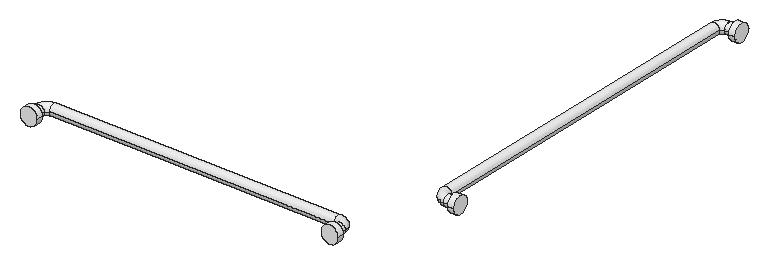
Revit family "Grab Bar-3D", category Specialty Equipment, Revit 2019
Family settings
  Round Connector Dimension = Use Diameter
  Part Type = Normal
  Work Plane-Based = No
  Always vertical = Yes
  Cut with Voids When Loaded = No
  Shared = Yes
  Room Calculation Point = No
Parameters
  Back Bar Length = 3' - 0"
  Mounting Height = 2' - 10"
  Side Bar Length = 3' - 6"
  Assembly Code = ""
Reference planes (in)
  plane 1 "Center F/B": y = 0
  plane 2: z = 0
  plane 3 "Center L/R": x = 0
  plane 4: x = -6
  plane 5: x = -42
  plane 6: y = 12
  plane 7: y = 54
  plane 8 "Center Line": z = 34
  plane 9: y = 0.75
  plane 10: x = -0.75
Forms (in)
  Sweep 1, solid, material "Metal - Aluminum, Brushed"
    path origin (0, 0, 0) x (1, 0, 0) y (0, 1, 0)
      loop
        line (-42, 0.75) -> (-42, 1.5)
        arc (-42, 1.5) -> (-41.70711, 2.20711) -> (-41, 2.5) r 1
        line (-41, 2.5) -> (-7, 2.5)
        arc (-7, 2.5) -> (-6.29289, 2.20711) -> (-6, 1.5) r 1
        line (-6, 1.5) -> (-6, 0.75)
    profile origin (-24, 0, 0) x (0, 1, 0) y (0, 0, 1)
      loop
        circle (2.5, 34) r 0.625
  Sweep 2, solid, material "Metal - Aluminum, Brushed"
    path origin (0, 0, 0) x (1, 0, 0) y (0, 1, 0)
      loop
        line (-0.75, 12) -> (-1.5, 12)
        arc (-1.5, 12) -> (-2.20711, 12.29289) -> (-2.5, 13) r 1
        line (-2.5, 13) -> (-2.5, 53)
        arc (-2.5, 53) -> (-2.20711, 53.70711) -> (-1.5, 54) r 1
        line (-1.5, 54) -> (-0.75, 54)
    profile origin (0, 33, 0) x (-1, 0, 0) y (0, 0, 1)
      loop
        circle (2.5, 34) r 0.625
  Extrusion 3, solid, material "Metal - Aluminum, Brushed"
    sketch origin (0, 0, 0) x (1, 0, 0) y (0, 0, 1)
      loop
        circle (-6, 34) r 1
      loop
        circle (-42, 34) r 1
    from -0.75 to 0
  Extrusion 4, solid, material "Metal - Aluminum, Brushed"
    sketch origin (0, 0, 0) x (0, 1, 0) y (0, 0, 1)
      loop
        circle (12, 34) r 1
      loop
        circle (54, 34) r 1
    from -0.75 to 0
Lines and regions (in)
  model lines, style "InvisibleLines"
    curve 1: line (0, 57, 0) -> (0, 0, 0)
    curve 2: line (0, 0, 0) -> (-45, 0, 0)
Dimensions and locks (in)
  plane 1 "Center F/B" to plane 6 = 1' - 0"
  "Side Bar Length": plane 7 to plane 6
  locked: plane 4 to plane 3 "Center L/R" at 6
  "Back Bar Length": plane 5 to plane 4
  "Mounting Height": plane 8 "Center Line" to plane 2
  locked: plane 8 "Center Line" to Sweep 1 sketch curve
  locked: plane 8 "Center Line" to Sweep 2 sketch curve
  locked: plane 1 "Center F/B" to plane 9 at 0.75
  locked: plane 10 to plane 3 "Center L/R" at 0.75
  aligned and locked: Extrusion 3 to plane 9
  aligned and locked: plane 1 "Center F/B" to Extrusion 3
  aligned and locked: Extrusion 4 to plane 10
  aligned and locked: plane 3 "Center L/R" to Extrusion 4
  aligned and locked: plane 9 to Sweep 1 sketch curve  (x2)
  aligned and locked: plane 10 to Sweep 2 sketch curve  (x2)
Automatic sketch dimensions
  Sweep 1 sketch curve to profile plane = 0' - 0"
  Sweep 1 sketch curve to Sweep 1 sketch curve = 0' - 0 5/8"
  Sweep 2 sketch curve to profile plane = 0' - 0"
  Sweep 2 sketch curve to Sweep 2 sketch curve = 0' - 0 5/8"
  Extrusion 3 sketch curve to plane 8 "Center Line" = 0' - 0"  (x2)
  Extrusion 3 sketch curve to plane 5 = 0' - 0"
  Extrusion 3 sketch curve to plane 4 = 0' - 0"
  Extrusion 3 sketch curve to Extrusion 3 sketch curve = 0' - 1"  (x2)
  Extrusion 4 sketch curve to plane 8 "Center Line" = 0' - 0"  (x2)
  Extrusion 4 sketch curve to plane 6 = 0' - 0"
  Extrusion 4 sketch curve to plane 7 = 0' - 0"
  Extrusion 4 sketch curve to plane 6 = 0' - 1"
  Extrusion 4 sketch curve to plane 7 = 0' - 1"
  Sweep 1 sketch curve to plane 5 = 0' - 0"
  Sweep 1 sketch curve to plane 4 = 0' - 0"
  Sweep 1 sketch curve to plane 9 = 0' - 0 3/4"  (x2)
  plane 5 to Sweep 1 sketch curve = 0' - 1"
  Sweep 2 sketch curve to plane 6 = 0' - 0"
  Sweep 2 sketch curve to plane 7 = 0' - 0"
  Sweep 2 sketch curve to Sweep 2 sketch curve = 0' - 0 3/4"
  Sweep 2 sketch curve to plane 10 = 0' - 0 3/4"
  plane 6 to Sweep 2 sketch curve = 0' - 1"
  curve 2 to plane 1 "Center F/B" = 0' - 0"
  curve 2 to plane 3 "Center L/R" = 0' - 0"
  curve 2 to plane 5 = 0' - 3"
  plane 7 to curve 1 = 0' - 3"

* Assigned task *
Search the records line by line for the word "Side" and copy every line where it appears.

* Expected answer *
  Side Bar Length = 3' - 6"
  "Side Bar Length": plane 7 to plane 6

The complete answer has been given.